**Task directions:** When the string "POWER" occurs in a line of the records, show that line.

(Stored dataset items)
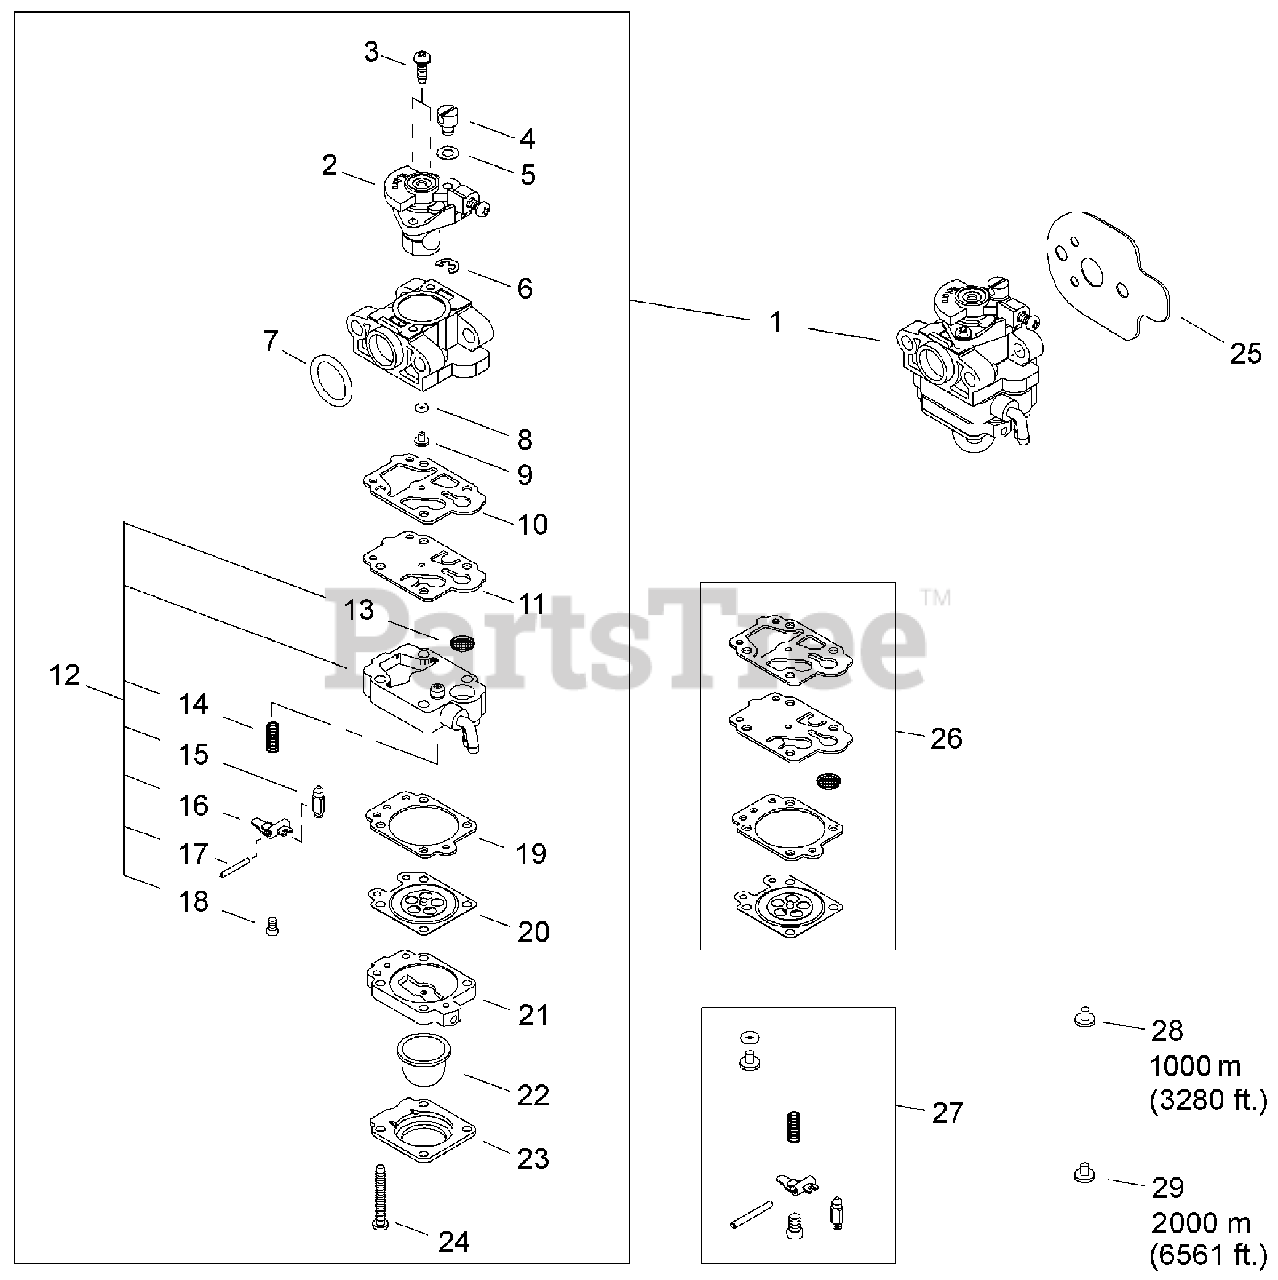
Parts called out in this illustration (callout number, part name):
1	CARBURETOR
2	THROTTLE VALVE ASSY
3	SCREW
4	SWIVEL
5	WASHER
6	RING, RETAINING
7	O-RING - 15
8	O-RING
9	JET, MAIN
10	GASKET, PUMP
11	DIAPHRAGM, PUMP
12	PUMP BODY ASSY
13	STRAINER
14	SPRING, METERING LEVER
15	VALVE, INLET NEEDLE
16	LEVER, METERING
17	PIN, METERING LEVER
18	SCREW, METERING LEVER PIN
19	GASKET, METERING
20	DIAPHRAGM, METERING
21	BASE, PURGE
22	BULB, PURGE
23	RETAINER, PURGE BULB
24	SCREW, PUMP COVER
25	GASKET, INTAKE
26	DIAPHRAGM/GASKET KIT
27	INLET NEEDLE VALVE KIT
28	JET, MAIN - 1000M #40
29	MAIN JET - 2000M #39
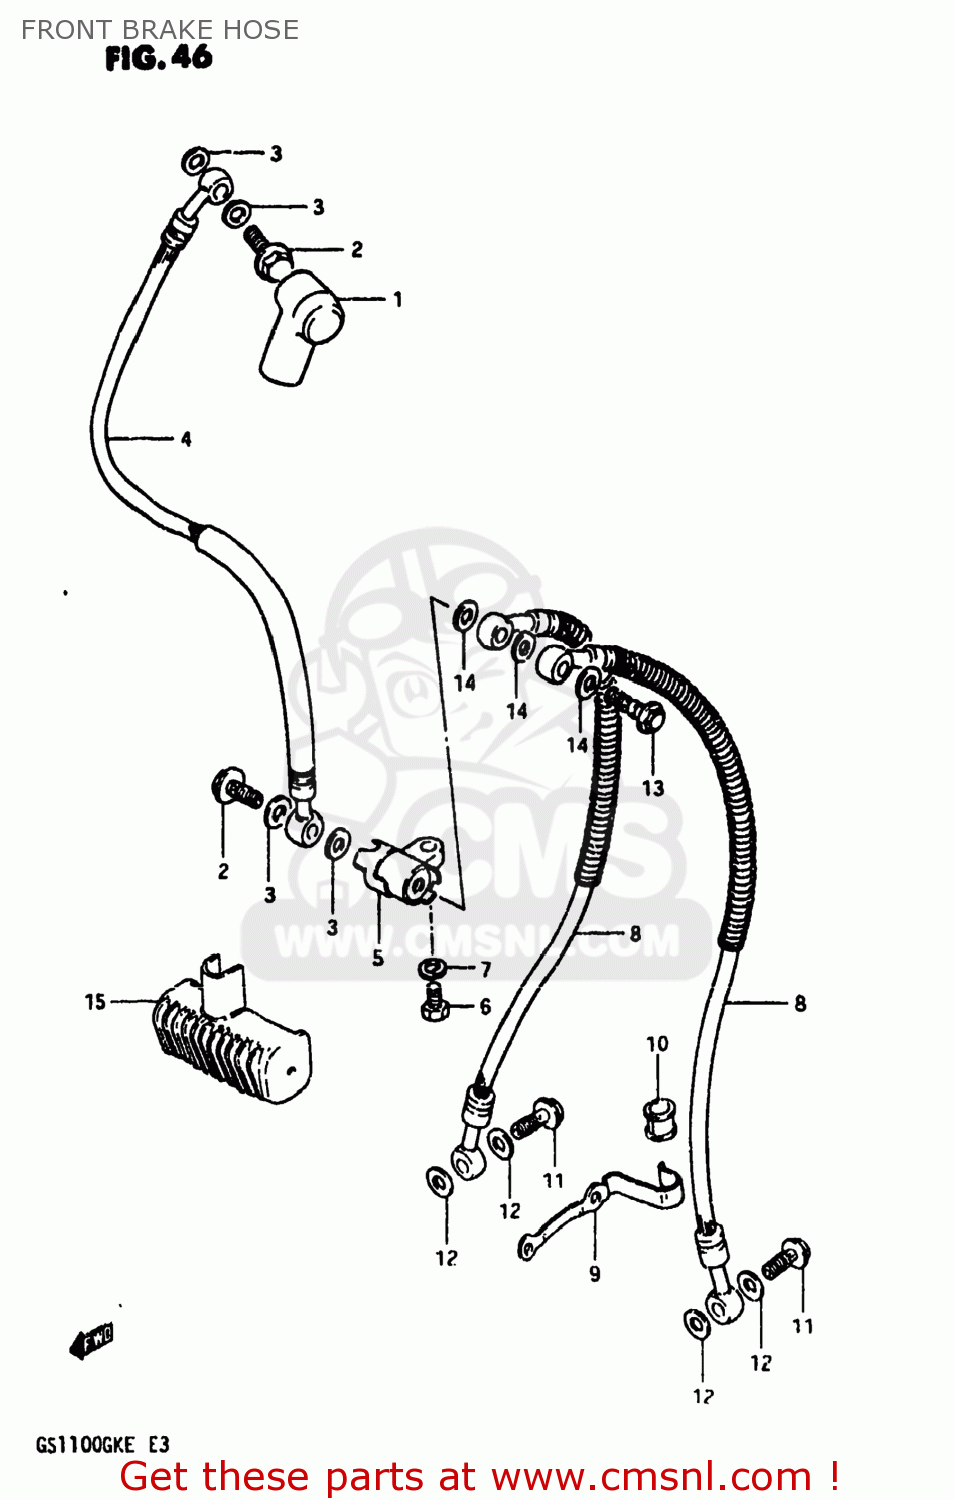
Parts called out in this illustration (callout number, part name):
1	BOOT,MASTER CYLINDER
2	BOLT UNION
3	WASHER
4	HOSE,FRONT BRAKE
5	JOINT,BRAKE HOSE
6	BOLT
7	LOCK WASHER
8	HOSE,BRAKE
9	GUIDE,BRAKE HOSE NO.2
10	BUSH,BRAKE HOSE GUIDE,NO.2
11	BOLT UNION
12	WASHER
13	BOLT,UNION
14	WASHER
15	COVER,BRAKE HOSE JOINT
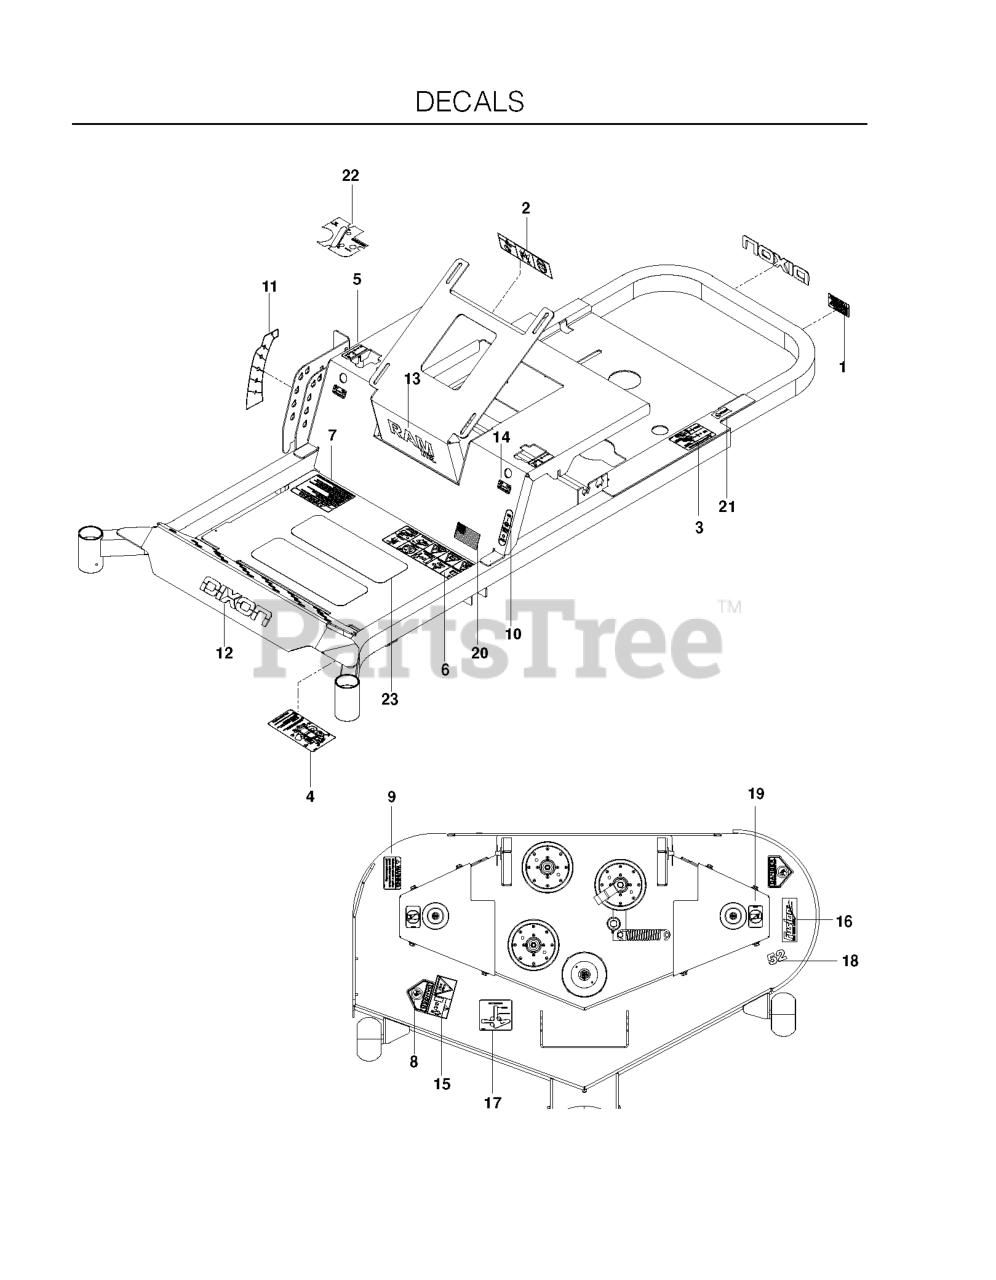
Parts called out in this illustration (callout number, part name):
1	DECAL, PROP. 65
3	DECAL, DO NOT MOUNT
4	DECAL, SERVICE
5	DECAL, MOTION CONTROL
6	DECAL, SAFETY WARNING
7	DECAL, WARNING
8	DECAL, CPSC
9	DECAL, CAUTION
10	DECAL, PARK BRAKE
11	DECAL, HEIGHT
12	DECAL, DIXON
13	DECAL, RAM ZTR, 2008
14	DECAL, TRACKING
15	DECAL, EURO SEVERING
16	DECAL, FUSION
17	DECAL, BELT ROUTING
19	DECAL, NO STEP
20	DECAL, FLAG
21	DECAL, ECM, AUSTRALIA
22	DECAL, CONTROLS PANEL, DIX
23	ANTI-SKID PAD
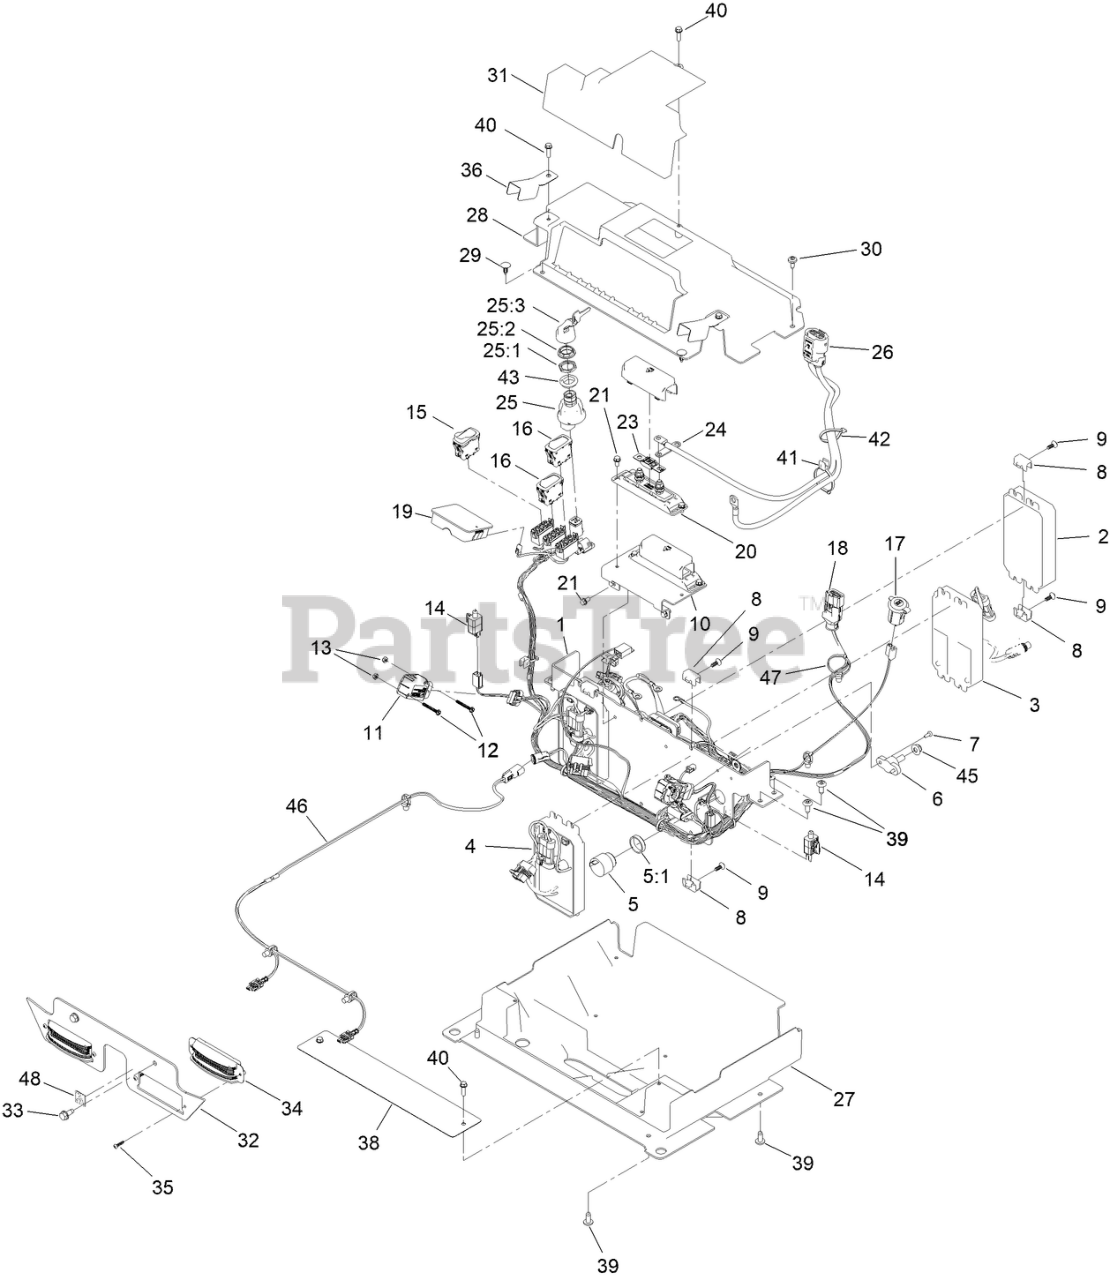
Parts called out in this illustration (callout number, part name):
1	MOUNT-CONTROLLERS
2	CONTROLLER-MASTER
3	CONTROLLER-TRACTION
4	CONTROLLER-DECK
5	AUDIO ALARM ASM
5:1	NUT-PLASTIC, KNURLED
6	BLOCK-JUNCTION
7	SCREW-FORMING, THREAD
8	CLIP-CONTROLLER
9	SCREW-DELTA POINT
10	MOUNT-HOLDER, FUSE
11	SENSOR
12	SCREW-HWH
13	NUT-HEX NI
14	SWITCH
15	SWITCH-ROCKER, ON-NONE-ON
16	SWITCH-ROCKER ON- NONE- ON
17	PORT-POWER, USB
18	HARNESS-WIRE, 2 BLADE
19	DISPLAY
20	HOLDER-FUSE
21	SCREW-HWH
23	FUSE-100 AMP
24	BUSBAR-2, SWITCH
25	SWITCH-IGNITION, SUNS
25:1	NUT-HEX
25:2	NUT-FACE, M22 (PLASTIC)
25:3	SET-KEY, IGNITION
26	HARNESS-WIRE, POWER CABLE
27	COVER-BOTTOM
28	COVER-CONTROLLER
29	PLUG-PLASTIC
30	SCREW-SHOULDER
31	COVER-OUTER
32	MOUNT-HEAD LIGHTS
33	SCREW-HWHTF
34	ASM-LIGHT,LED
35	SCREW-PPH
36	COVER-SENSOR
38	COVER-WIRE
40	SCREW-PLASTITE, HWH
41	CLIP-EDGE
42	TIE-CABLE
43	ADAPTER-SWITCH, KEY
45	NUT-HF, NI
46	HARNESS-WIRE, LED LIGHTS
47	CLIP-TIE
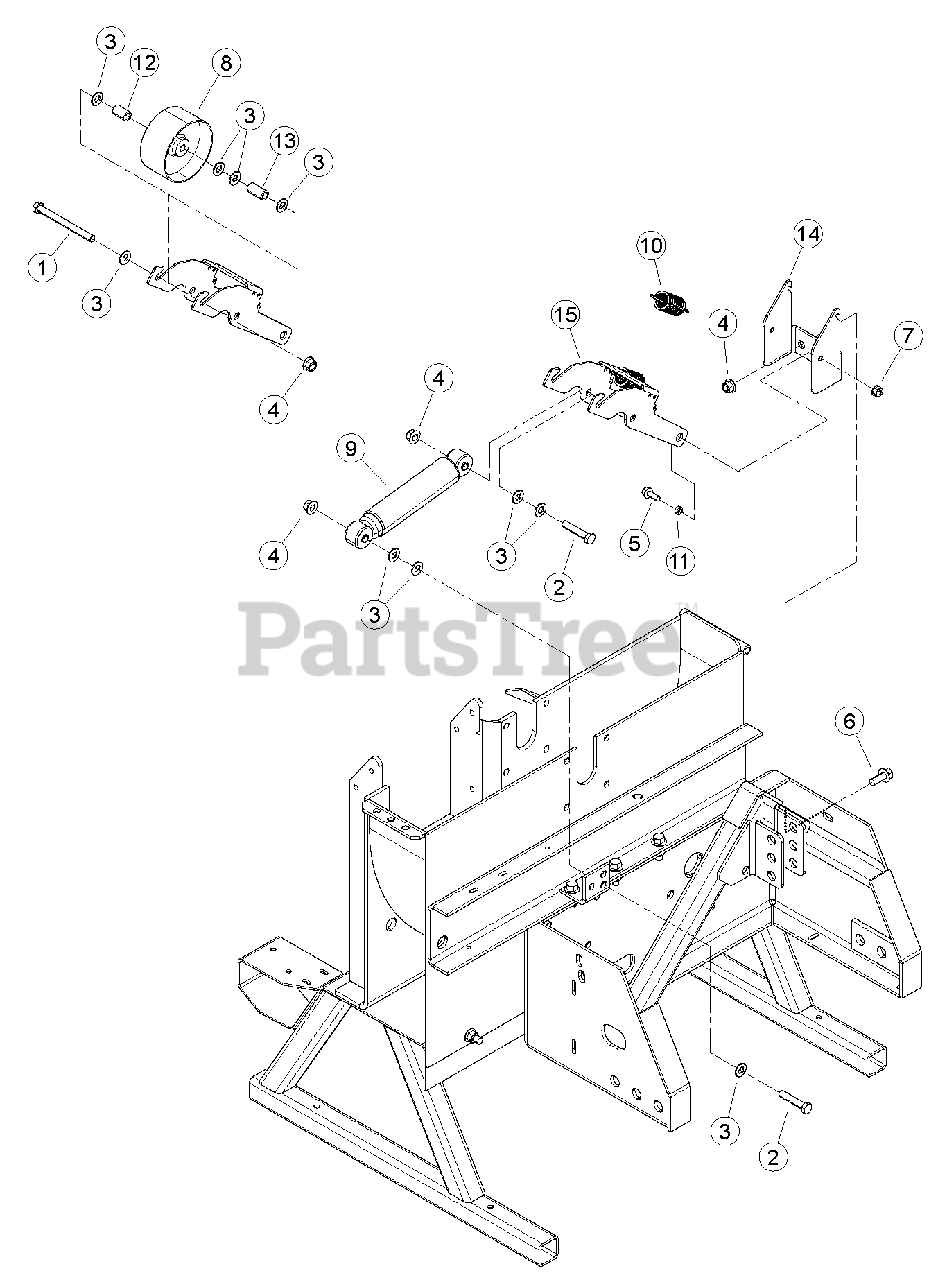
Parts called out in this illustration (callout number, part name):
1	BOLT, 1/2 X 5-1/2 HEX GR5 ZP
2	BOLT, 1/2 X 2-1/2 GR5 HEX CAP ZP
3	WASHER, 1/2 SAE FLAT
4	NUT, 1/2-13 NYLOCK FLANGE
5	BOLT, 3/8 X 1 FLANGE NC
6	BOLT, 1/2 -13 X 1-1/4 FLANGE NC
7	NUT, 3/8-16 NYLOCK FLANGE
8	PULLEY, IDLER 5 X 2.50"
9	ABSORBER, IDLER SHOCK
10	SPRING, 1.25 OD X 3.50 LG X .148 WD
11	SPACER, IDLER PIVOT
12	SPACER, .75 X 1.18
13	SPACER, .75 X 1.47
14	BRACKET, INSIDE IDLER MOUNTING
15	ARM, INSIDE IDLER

**Expected output:**
17	PORT-POWER, USB
26	HARNESS-WIRE, POWER CABLE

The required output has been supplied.